Karen obtained a $26,000 loan at 4.6% compounded semiannually.
a-1.
What monthly payment will repay the loan in 8 1/2 years? (Do not round intermediate calculations and round your final answer to 2 decimal places.)
Monthly payment $
a-2.
How much interest will Karen pay over the life of the loan
1. P = Po(1+r)^n.
r = 0.046/2 = 0.023 = Semi-annual
% rate.
n = 2Comp./yr. * 8.5yrs. = 17 Compounding periods.
P = 26,000(1.023)^17 = $38,270.058.
8.5yrs. = 102 Months.
38,270.058/102 = $375.20/Mo.
2. I = 38,270.06 - 26,000 = $12,270.06.
To find the monthly payment for the loan, we can use the formula for calculating the monthly payment for a loan:
M = P * (r / (1 - (1 + r)^(-n)))
Where:
M is the monthly payment
P is the principal amount (loan amount)
r is the interest rate per period (semiannual in this case)

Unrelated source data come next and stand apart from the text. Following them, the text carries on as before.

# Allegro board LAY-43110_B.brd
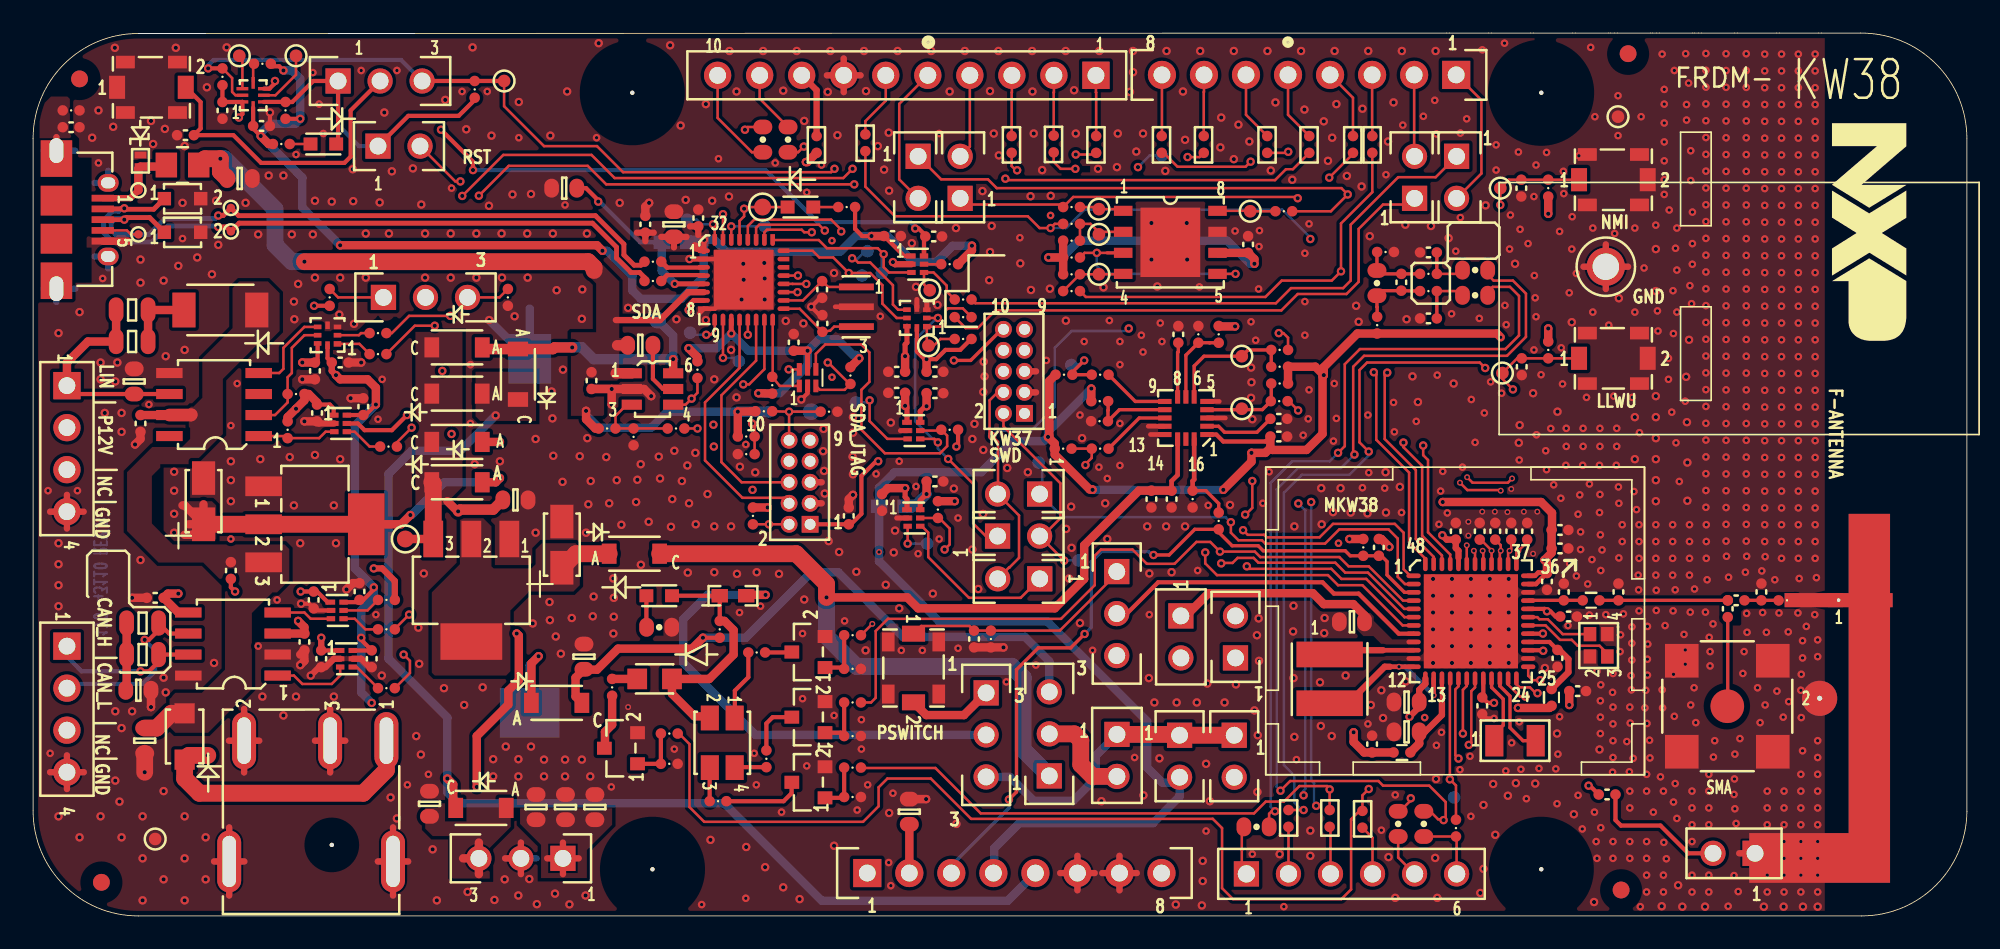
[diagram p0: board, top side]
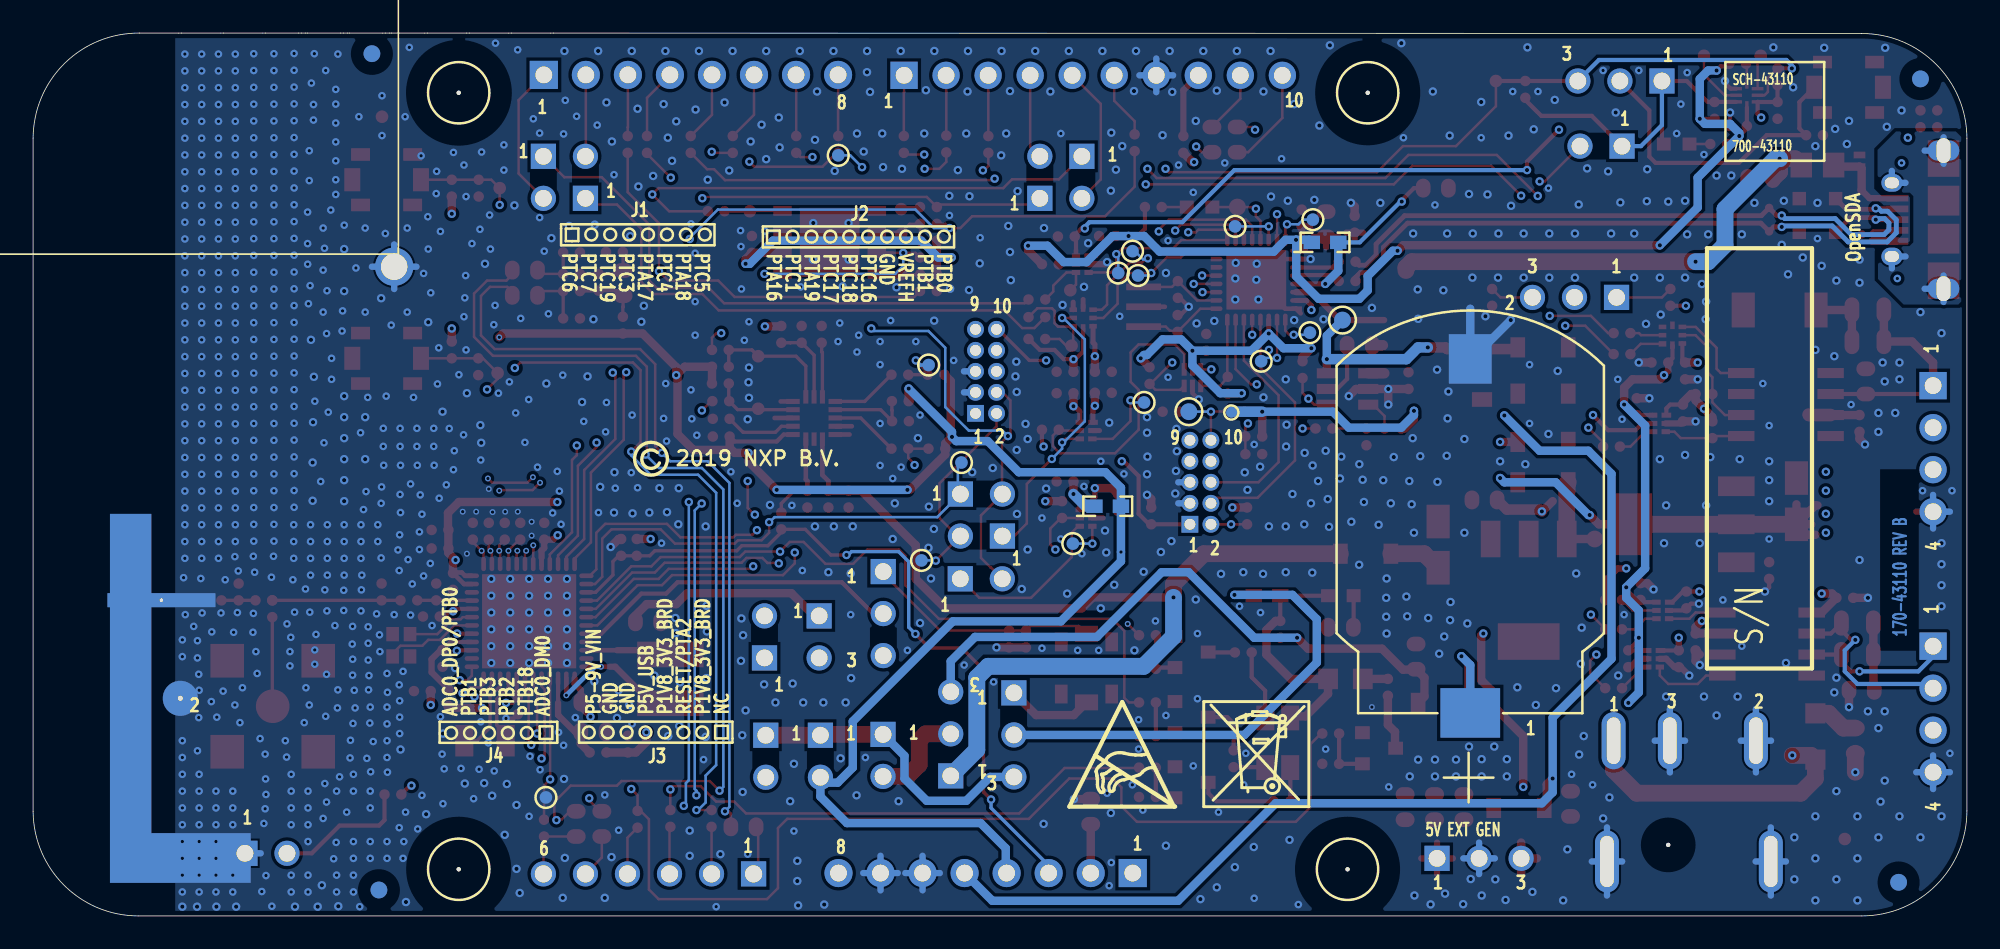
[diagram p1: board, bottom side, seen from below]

Outline 116.85 x 53.37 mm; copper layers: TOP, GND, INT_1, BOTTOM. Coordinates in mm from the lower left corner of the outline.
Outline path: 0,46.99 arc(1.86,51.48) 6.35,53.34 85.41,53.37 arc(85.49,53.37) 85.57,53.36 87.95,53.37 arc(88.03,53.37) 88.11,53.36 90.49,53.37 arc(90.57,53.37) 90.65,53.36 93.03,53.37 arc(93.11,53.37) 93.19,53.36 95.19,53.37 arc(95.24,53.37) 95.3,53.37 95.57,53.37 arc(95.65,53.37) 95.73,53.36 97.73,53.37 arc(97.78,53.37) 97.84,53.37 98.11,53.37 arc(98.19,53.37) 98.27,53.36 100.27,53.37 arc(100.32,53.37) 100.38,53.37 100.65,53.37 arc(100.73,53.37) 100.81,53.36 102.81,53.37 arc(102.89,53.37) 102.97,53.36 105.35,53.37 arc(105.43,53.37) 105.51,53.36 107.89,53.37 arc(107.97,53.37) 108.05,53.36 110.43,53.37 arc(114.96,51.53) 116.85,47.02 116.85,6.3 arc(114.97,1.84) 110.5,0 6.35,0 arc(1.86,1.86) 0,6.35 0,46.99

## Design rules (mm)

n is the total number of periods (in this case, 8.5 years, which is equal to 17 semiannual periods)
a-1. Given:
P = $26,000
r = 4.6% per annum compounded semiannually, which means r = 0.046 / 2 = 0.023 per semiannual period
n = 17
Plugging in these values into the formula, we can calculate the monthly payment:
M = $26,000 * (0.023 / (1 - (1 + 0.023)^(-17)))
M = $26,000 * (0.023 / (1 - (1.023)^(-17)))
M ≈ $374.13 (rounded to 2 decimal places)
Therefore, the monthly payment to repay the loan in 8 1/2 years is $374.13.
a-2. To find out how much interest Karen will pay over the life of the loan, we can calculate the total amount paid and subtract the principal amount.
Total amount paid = Monthly payment * Total number of periods
Total amount paid = $374.13 * 17
Total amount paid ≈ $6,356.21
Interest paid = Total amount paid - Principal amount
Interest paid = $6,356.21 - $26,000
Interest paid ≈ $-19,643.79
Since the interest paid is negative, it means Karen would receive a total of $19,643.79 over the life of the loan, indicating that she would be paying back less money than she borrowed.